Sec. 34-33d. Certificate of merger or consolidation.
Sec. 34-33d. Certificate of merger or consolidation. (a) After a plan of merger
or consolidation is approved pursuant to section 34-33c, the survivor shall file a certificate of merger or consolidation, as the case may be, in the following manner: (1) A
certificate of merger by any merging limited partnership that is a party thereto, executed
as provided in section 34-10a, shall be filed as provided in section 34-10b with respect
to the survivor; (2) a certificate of consolidation by any consolidating limited partnership
that is a party thereto, executed as provided in section 34-10a, shall be filed as provided
in section 34-10b in respect of the new limited partnership or other entity together with
an appointment of statutory agent for service as provided in section 34-13b or other
applicable law; and (3) general partners executing a certificate of merger or consolidation need not sign or swear as to facts set forth therein not pertaining to the limited
partnership of which they are general partners.
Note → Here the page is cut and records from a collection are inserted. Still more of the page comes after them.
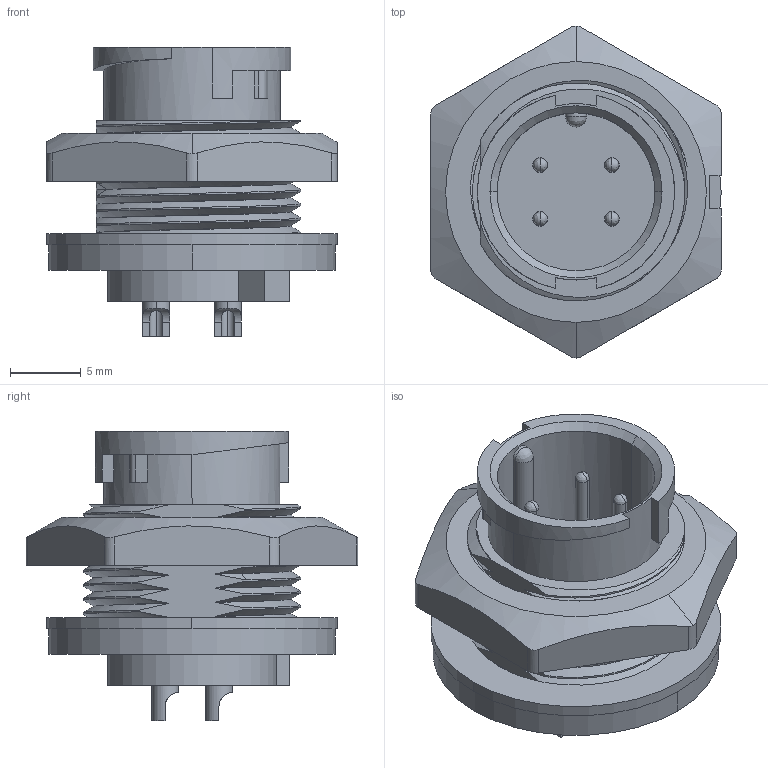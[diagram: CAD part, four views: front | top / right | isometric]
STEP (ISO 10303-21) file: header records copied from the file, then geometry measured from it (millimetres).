
FILE_DESCRIPTION (( 'STEP AP203' ), '1' );
FILE_NAME ('869-04B-103R001.STEP', '2024-06-14T18:26:40', ( '' ), ( '' ), 'SwSTEP 2.0', 'SolidWorks 2020', '' );
FILE_SCHEMA (( 'CONFIG_CONTROL_DESIGN' ));
Length unit declared in the file: millimetre
Products named in the file (1): 869-04B-103R001
Bounding box: 20.6 x 23.54 x 20.5 mm (x, y, z)
Volume: 2625.4 mm3; surface area: 3513.1 mm2
Topology: 2 solids, 2 shells, 239 faces, 624 edges, 381 vertices
Faces by surface type: cylinder 91, plane 59, bspline 52, cone 37
Entity records: 13671 total; most frequent: CARTESIAN_POINT 8318, ORIENTED_EDGE 1196, DIRECTION 936, EDGE_CURVE 598, VERTEX_POINT 381, AXIS2_PLACEMENT_3D 362, EDGE_LOOP 259, ADVANCED_FACE 239

(b) The certificate of merger or consolidation, in addition to the requirements for
a certificate of merger or consolidation of the statutes under which any other entity that
is a party to the merger or consolidation is organized or by which it is governed, shall
set forth: (1) The plan of merger or consolidation; and (2) as to each merging or consolidating limited partnership, a statement of the vote of limited partners required to adopt
the plan of merger or consolidation and the vote for the plan; and (3) if the survivor is
a foreign limited partnership, and is to transact business in this state, a statement that
such survivor shall comply with the provisions of this chapter respecting such limited
partnerships, and in every case a statement irrevocably appointing the Secretary of the
State as its attorney to accept service of process in any action, suit or proceeding for
the enforcement of any obligations of any domestic merging or consolidating limited
partnership for which it is liable pursuant to subsection (c) of section 34-33f, to the plan
of merger or consolidation, or to the laws governing such foreign limited partnership.
If such appointment is not made, legal process in any such action, suit or proceeding
may be served upon the Secretary of the State as provided in subsection (b) of section
34-38q as attorney for such survivor.
(c) The copy of the certificate of merger or consolidation, certified by the Secretary
of the State, may also be filed for record in the records of deeds in the office of the town
clerk in any town in this state. For such recording, the town clerk shall charge and collect
the same fee as in the case of deeds.
(d) A certificate of merger or consolidation shall act as a certificate of cancellation
for a domestic limited partnership which is not the survivor in the merger or consolidation. A certificate of merger shall act as a certificate of amendment for a domestic limited
partnership which survives such merger, to the extent provided by the plan of merger.
In the case of a consolidation, if the new entity is a limited partnership, the certificate
of limited partnership set forth in the certificate of consolidation shall be the certificate
of limited partnership of the new limited partnership.
(P.A. 93-363, S. 30; P.A. 03-18, S. 57.)
History: P.A. 03-18 amended Subsec. (a) by replacing "Any domestic limited partnership merging or consolidating
under this section" with "After a plan of merger or consolidation is approved pursuant to Sec. 34-33c, the survivor", adding
reference to any merging limited partnership that is a party to the certificate of merger and replacing reference to surviving
limited partnership with reference to survivor in Subdiv. (1), adding references to any consolidating limited partnership
that is a party to the certificate of consolidation, "other entity" and "other applicable law" in Subdiv. (2), adding reference
to general partners in Subdiv. (3) and making technical changes, amended Subsec. (b) by adding provision re requirements
of statutes under which other entity is organized or governed and replacing references to surviving or new limited partnership
with references to survivor, and amended Subsec. (d) by replacing reference to surviving or new limited partnership with
reference to survivor and adding provision re if the new entity is a limited partnership, effective July 1, 2003.